Previous talks at the SCCS Colloquium

Kai Nierula: Physics-Informed Neural Networks for Wave-Based Seismic Imaging

SCCS Colloquium |


This thesis investigates using a physics-informed continuous conditional Generative Adversarial Network (CcGAN) for simulating seismic wave propagation. Seismic wave simulations are a key element in seismic imaging used for subsurface exploration and discovery. In recent years, physics-informed machine learning (ML) and deep learning (DL) methods have emerged as valuable additions or substitutes to classical numerical simulation of partial differential equations (PDEs), one of their main benefits being fast computing time after training. We extend Kadeethum, et al.’s (2022) CcGAN designed to solve a time-dependent PDE on a 2D domain by adding a physics consistency-based loss. The time-depended PDE of interest in this thesis is the acoustic wave equation. A CcGAN allows for generalization across velocity distribution inputs and handling continuous conditional variables like time. To our knowledge, this is the first use of a physics-informed CcGAN.
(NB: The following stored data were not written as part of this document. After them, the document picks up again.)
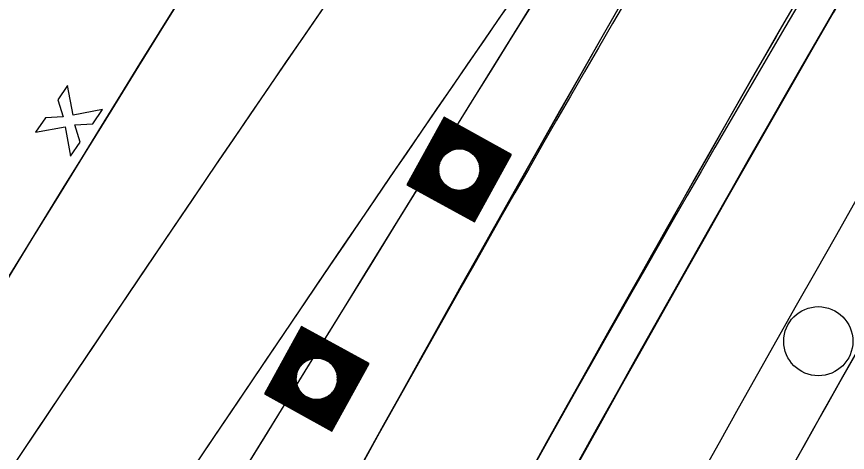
# Model space of a CAD drawing. Extents: x 14104283 to 14128447, y 8633203 to 8671666.
# Drawn here: x 14119037.1 to 14119103.2, y 8668745.8 to 8668780.4 of the extents above; entities that cross this region are included whole.
import ezdxf

# ---------------------------------------------------------------- set-up
doc = ezdxf.new("R2010")
doc.units = 0
for name, color, linetype in [('Cell', 7, 'Continuous'), ('dsnCellElements', 7, 'Continuous'), ('dsnPaintPlaceEdgeLineLeftYellow', 7, 'Continuous'), ('dsnPaintPlaceEdgeLineRightWhite', 7, 'Continuous'), ('dsnShadingPaved', 7, 'Continuous'), ('dsnStdLabel', 7, 'Continuous'), ('dsnStgShadingPrevPav', 7, 'Continuous'), ('dsnTapeExistingChannelizingLaneWhite', 7, 'Continuous'), ('dsnTapeExistingChannelizingLaneYellow', 7, 'Continuous'), ('dsnTapeRemoveChannelizingWhite', 7, 'Continuous'), ('dsnTapeRemoveChannelizingYellow', 7, 'Continuous')]:
    doc.layers.add(name, color=color, linetype=linetype)

msp = doc.modelspace()

# ---------------------------------------------------------------- linework, layer by layer
at = {"layer": 'Cell'}
for p, q in [((14119041.186, 8668774.969), (14119040.407, 8668773.836)), ((14119041.62, 8668772.622), (14119041.186, 8668774.969)), ((14119040.407, 8668773.836), (14119040.838, 8668772.478)), ((14119043.967, 8668773.056), (14119041.62, 8668772.622)), ((14119043.187, 8668771.923), (14119043.967, 8668773.056)), ((14119039.415, 8668772.395), (14119038.635, 8668771.262)), ((14119040.838, 8668772.478), (14119039.415, 8668772.395)), ((14119038.635, 8668771.262), (14119040.982, 8668771.696)), ((14119040.982, 8668771.696), (14119041.416, 8668769.349)), ((14119041.764, 8668771.84), (14119043.187, 8668771.923)), ((14119042.195, 8668770.481), (14119041.764, 8668771.84)), ((14119041.416, 8668769.349), (14119042.195, 8668770.481))]:
    msp.add_line(p, q, dxfattribs=at)
msp.add_circle((14119100.928, 8668754.646), 2.75, dxfattribs=at)
at = {"layer": 'dsnCellElements'}
for centre in [(14119072.354, 8668768.287), (14119061.014, 8668751.657)]:
    msp.add_circle(centre, 1.65, dxfattribs=at)
at = {"layer": 'dsnPaintPlaceEdgeLineLeftYellow'}
msp.add_arc((14121592.114, 8667345.675), 2858.949, 150.162896, 155.633861, dxfattribs=at)
at = {"layer": 'dsnPaintPlaceEdgeLineRightWhite'}
msp.add_arc((14121592.114, 8667345.675), 2846.949, 150.158827, 155.633861, dxfattribs=at)
at = {"layer": 'dsnShadingPaved'}
for centre, radius, start, end in [((14121955.849, 8666791.923), 3512, 144.954928, 152.692114), ((14121955.849, 8666791.923), 3500, 144.954928, 152.692114), ((14121592.114, 8667345.675), 2858.949, 150.162896, 151.16499), ((14121592.114, 8667345.675), 2846.949, 150.158827, 151.16499)]:
    msp.add_arc(centre, radius, start, end, dxfattribs=at)
at = {"layer": 'dsnStdLabel'}
for points in [[(14119073.559, 8668764.127), (14119076.514, 8668769.492), (14119071.149, 8668772.447), (14119068.194, 8668767.082), (14119073.559, 8668764.127)], [(14119073.556, 8668764.128), (14119076.51, 8668769.491), (14119071.15, 8668772.443), (14119068.198, 8668767.083), (14119073.561, 8668764.13)], [(14119073.553, 8668764.13), (14119076.505, 8668769.49), (14119071.151, 8668772.438), (14119068.202, 8668767.084), (14119073.562, 8668764.132)], [(14119073.591, 8668764.267), (14119076.46, 8668769.477), (14119071.164, 8668772.394), (14119068.247, 8668767.097), (14119073.578, 8668764.161)], [(14119073.578, 8668764.312), (14119076.416, 8668769.464), (14119071.177, 8668772.349), (14119068.292, 8668767.11), (14119073.594, 8668764.19)], [(14119073.565, 8668764.357), (14119076.371, 8668769.451), (14119071.19, 8668772.304), (14119068.337, 8668767.123), (14119073.61, 8668764.219)], [(14119073.552, 8668764.402), (14119076.326, 8668769.438), (14119071.203, 8668772.259), (14119068.382, 8668767.136), (14119073.591, 8668764.267)], [(14119073.539, 8668764.446), (14119076.281, 8668769.425), (14119071.216, 8668772.214), (14119068.427, 8668767.149), (14119073.578, 8668764.312)], [(14119073.526, 8668764.491), (14119076.236, 8668769.412), (14119071.229, 8668772.169), (14119068.471, 8668767.162), (14119073.565, 8668764.357)], [(14119073.513, 8668764.536), (14119076.192, 8668769.399), (14119071.242, 8668772.125), (14119068.516, 8668767.175), (14119073.552, 8668764.402)], [(14119073.501, 8668764.581), (14119076.147, 8668769.386), (14119071.255, 8668772.08), (14119068.561, 8668767.188), (14119073.539, 8668764.446)], [(14119073.488, 8668764.626), (14119076.102, 8668769.373), (14119071.268, 8668772.035), (14119068.606, 8668767.201), (14119073.526, 8668764.491)], [(14119073.475, 8668764.671), (14119076.057, 8668769.36), (14119071.281, 8668771.99), (14119068.651, 8668767.214), (14119073.513, 8668764.536)], [(14119073.462, 8668764.715), (14119076.012, 8668769.347), (14119071.294, 8668771.945), (14119068.696, 8668767.227), (14119073.501, 8668764.581)], [(14119073.449, 8668764.76), (14119075.967, 8668769.334), (14119071.307, 8668771.901), (14119068.74, 8668767.24), (14119073.488, 8668764.626)], [(14119073.436, 8668764.805), (14119075.923, 8668769.321), (14119071.32, 8668771.856), (14119068.785, 8668767.253), (14119073.475, 8668764.671)], [(14119073.423, 8668764.85), (14119075.878, 8668769.308), (14119071.333, 8668771.811), (14119068.83, 8668767.266), (14119073.462, 8668764.715)], [(14119073.41, 8668764.895), (14119075.833, 8668769.295), (14119071.346, 8668771.766), (14119068.875, 8668767.279), (14119073.449, 8668764.76)], [(14119073.397, 8668764.94), (14119075.788, 8668769.282), (14119071.359, 8668771.721), (14119068.92, 8668767.292), (14119073.436, 8668764.805)], [(14119073.384, 8668764.984), (14119075.743, 8668769.269), (14119071.372, 8668771.676), (14119068.965, 8668767.305), (14119073.423, 8668764.85)], [(14119073.371, 8668765.029), (14119075.698, 8668769.256), (14119071.385, 8668771.632), (14119069.009, 8668767.318), (14119073.41, 8668764.895)], [(14119073.358, 8668765.074), (14119075.654, 8668769.243), (14119071.398, 8668771.587), (14119069.054, 8668767.331), (14119073.397, 8668764.94)], [(14119073.345, 8668765.119), (14119075.609, 8668769.23), (14119071.411, 8668771.542), (14119069.099, 8668767.344), (14119073.384, 8668764.984)], [(14119073.332, 8668765.164), (14119075.564, 8668769.217), (14119071.424, 8668771.497), (14119069.144, 8668767.357), (14119073.371, 8668765.029)], [(14119073.319, 8668765.208), (14119075.519, 8668769.204), (14119071.437, 8668771.452), (14119069.189, 8668767.37), (14119073.358, 8668765.074)], [(14119073.306, 8668765.253), (14119075.474, 8668769.191), (14119071.45, 8668771.407), (14119069.233, 8668767.383), (14119073.345, 8668765.119)], [(14119073.293, 8668765.298), (14119075.429, 8668769.178), (14119071.463, 8668771.363), (14119069.278, 8668767.396), (14119073.332, 8668765.164)], [(14119073.28, 8668765.343), (14119075.385, 8668769.165), (14119071.476, 8668771.318), (14119069.323, 8668767.409), (14119073.319, 8668765.208)], [(14119073.267, 8668765.388), (14119075.34, 8668769.152), (14119071.489, 8668771.273), (14119069.368, 8668767.422), (14119073.306, 8668765.253)], [(14119073.254, 8668765.433), (14119075.295, 8668769.139), (14119071.502, 8668771.228), (14119069.413, 8668767.435), (14119073.293, 8668765.298)], [(14119073.241, 8668765.477), (14119075.25, 8668769.126), (14119071.515, 8668771.183), (14119069.458, 8668767.448), (14119073.28, 8668765.343)], [(14119073.228, 8668765.522), (14119075.205, 8668769.113), (14119071.528, 8668771.138), (14119069.502, 8668767.461), (14119073.267, 8668765.388)], [(14119073.215, 8668765.567), (14119075.161, 8668769.1), (14119071.541, 8668771.094), (14119069.547, 8668767.474), (14119073.254, 8668765.433)], [(14119073.202, 8668765.612), (14119075.116, 8668769.087), (14119071.554, 8668771.049), (14119069.592, 8668767.487), (14119073.241, 8668765.477)], [(14119073.189, 8668765.657), (14119075.071, 8668769.074), (14119071.567, 8668771.004), (14119069.637, 8668767.5), (14119073.228, 8668765.522)], [(14119073.176, 8668765.702), (14119075.026, 8668769.061), (14119071.58, 8668770.959), (14119069.682, 8668767.513), (14119073.215, 8668765.567)], [(14119073.163, 8668765.746), (14119074.981, 8668769.048), (14119071.593, 8668770.914), (14119069.727, 8668767.526), (14119073.202, 8668765.612)], [(14119073.15, 8668765.791), (14119074.936, 8668769.035), (14119071.606, 8668770.87), (14119069.771, 8668767.539), (14119073.189, 8668765.657)], [(14119073.137, 8668765.836), (14119074.892, 8668769.022), (14119071.619, 8668770.825), (14119069.816, 8668767.552), (14119073.176, 8668765.702)], [(14119073.124, 8668765.881), (14119074.847, 8668769.009), (14119071.632, 8668770.78), (14119069.861, 8668767.565), (14119073.163, 8668765.746)], [(14119073.111, 8668765.926), (14119074.802, 8668768.996), (14119071.645, 8668770.735), (14119069.906, 8668767.578), (14119073.15, 8668765.791)], [(14119073.098, 8668765.971), (14119074.757, 8668768.983), (14119071.658, 8668770.69), (14119069.951, 8668767.591), (14119073.137, 8668765.836)], [(14119073.085, 8668766.015), (14119074.712, 8668768.97), (14119071.671, 8668770.645), (14119069.996, 8668767.604), (14119073.124, 8668765.881)], [(14119073.072, 8668766.06), (14119074.667, 8668768.957), (14119071.684, 8668770.601), (14119070.04, 8668767.617), (14119073.111, 8668765.926)], [(14119073.059, 8668766.105), (14119074.623, 8668768.944), (14119071.697, 8668770.556), (14119070.085, 8668767.63), (14119073.098, 8668765.971)], [(14119073.046, 8668766.15), (14119074.578, 8668768.931), (14119071.71, 8668770.511), (14119070.13, 8668767.643), (14119073.085, 8668766.015)], [(14119072.858, 8668769.841), (14119071.723, 8668770.466), (14119071.097, 8668769.331)], [(14119072.721, 8668769.879), (14119071.736, 8668770.421), (14119071.193, 8668769.436)], [(14119072.614, 8668769.9), (14119071.749, 8668770.376), (14119071.272, 8668769.511)], [(14119072.524, 8668769.912), (14119071.762, 8668770.332), (14119071.342, 8668769.569)], [(14119072.444, 8668769.918), (14119071.775, 8668770.287), (14119071.406, 8668769.617)], [(14119072.371, 8668769.92), (14119071.788, 8668770.242), (14119071.466, 8668769.658)], [(14119072.304, 8668769.92), (14119071.8, 8668770.197), (14119071.523, 8668769.693)], [(14119072.241, 8668769.917), (14119071.813, 8668770.152), (14119071.578, 8668769.724)], [(14119072.182, 8668769.911), (14119071.826, 8668770.108), (14119071.63, 8668769.752)], [(14119072.126, 8668769.905), (14119071.839, 8668770.063), (14119071.681, 8668769.776)], [(14119072.073, 8668769.896), (14119071.852, 8668770.018), (14119071.731, 8668769.797)], [(14119072.022, 8668769.887), (14119071.865, 8668769.973), (14119071.779, 8668769.816)], [(14119071.974, 8668769.876), (14119071.878, 8668769.928), (14119071.826, 8668769.833)], [(14119071.927, 8668769.864), (14119071.891, 8668769.883), (14119071.872, 8668769.848)], [(14119073.908, 8668767.783), (14119074.533, 8668768.918), (14119073.398, 8668769.544)], [(14119073.946, 8668767.92), (14119074.488, 8668768.905), (14119073.503, 8668769.448)], [(14119073.966, 8668768.027), (14119074.443, 8668768.892), (14119073.577, 8668769.369)], [(14119073.978, 8668768.117), (14119074.399, 8668768.879), (14119073.636, 8668769.299)], [(14119073.985, 8668768.197), (14119074.354, 8668768.866), (14119073.684, 8668769.235)], [(14119073.987, 8668768.27), (14119074.309, 8668768.853), (14119073.725, 8668769.175)], [(14119073.987, 8668768.337), (14119074.264, 8668768.84), (14119073.76, 8668769.118)], [(14119073.984, 8668768.399), (14119074.219, 8668768.827), (14119073.791, 8668769.063)], [(14119070.8, 8668768.791), (14119070.175, 8668767.656), (14119071.31, 8668767.03)], [(14119070.762, 8668768.654), (14119070.22, 8668767.669), (14119071.205, 8668767.126)], [(14119070.741, 8668768.548), (14119070.264, 8668767.682), (14119071.13, 8668767.205)], [(14119070.729, 8668768.457), (14119070.309, 8668767.695), (14119071.072, 8668767.275)], [(14119073.978, 8668768.459), (14119074.174, 8668768.814), (14119073.818, 8668769.01)], [(14119073.971, 8668768.514), (14119074.13, 8668768.801), (14119073.843, 8668768.96)], [(14119073.963, 8668768.568), (14119074.085, 8668768.788), (14119073.864, 8668768.91)], [(14119073.953, 8668768.618), (14119074.04, 8668768.775), (14119073.883, 8668768.862)], [(14119073.943, 8668768.667), (14119073.995, 8668768.763), (14119073.9, 8668768.815)], [(14119073.931, 8668768.714), (14119073.95, 8668768.75), (14119073.915, 8668768.769)], [(14119070.723, 8668768.377), (14119070.354, 8668767.708), (14119071.024, 8668767.339)], [(14119070.72, 8668768.305), (14119070.399, 8668767.721), (14119070.983, 8668767.399)], [(14119070.721, 8668768.237), (14119070.444, 8668767.734), (14119070.947, 8668767.456)], [(14119070.724, 8668768.175), (14119070.489, 8668767.747), (14119070.917, 8668767.511)], [(14119070.729, 8668768.116), (14119070.533, 8668767.76), (14119070.889, 8668767.564)], [(14119070.736, 8668768.06), (14119070.578, 8668767.773), (14119070.865, 8668767.615)], [(14119070.745, 8668768.006), (14119070.623, 8668767.786), (14119070.844, 8668767.664)], [(14119070.754, 8668767.956), (14119070.668, 8668767.799), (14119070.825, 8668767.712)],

We first compare a traditional CcGAN to a physics-informed one using uniform velocity distributions. Contrary to expectations, the traditional one outperformed the physics-informed one. Despite this, we applied the physics-informed CcGAN to a data set consisting of horizontally layered velocity distributions, hypothesizing that the advantages of using a physics-informed approach would become apparent with a more complex problem. However, the model showed mode collapse on the validation and test data sets, generating identical pressure wavefields regardless of the input velocity distributions. This mode collapse, a common issue in training traditional GANs, persisted despite employing a Wasserstein gradient-penalty GAN, which should have mitigated this problem.

Encouragingly, our model can generate varied pressure wavefields on the training dataset. Additionally, it demonstrated the ability to handle wavefield progression based on input times, thereby enabling the possibility of querying wavefields at individual timesteps without the need for preceding ones. Unfortunately, continuous time-stepping defaulted back on timesteps used during training.

These findings underscore the need for additional research to address the unexpected physics-informed CcGAN behavior. Despite the challenges, the possibility of querying wavefields at arbitrary time steps highlights the potential of using DL methods to contribute to computational speed-ups in seismic simulation and imaging.

Master's thesis presentation. Kai is advised by Sebastian Wolf, Prof. Dr. Michael Bader,  and Dr. Ban-Sok Shin.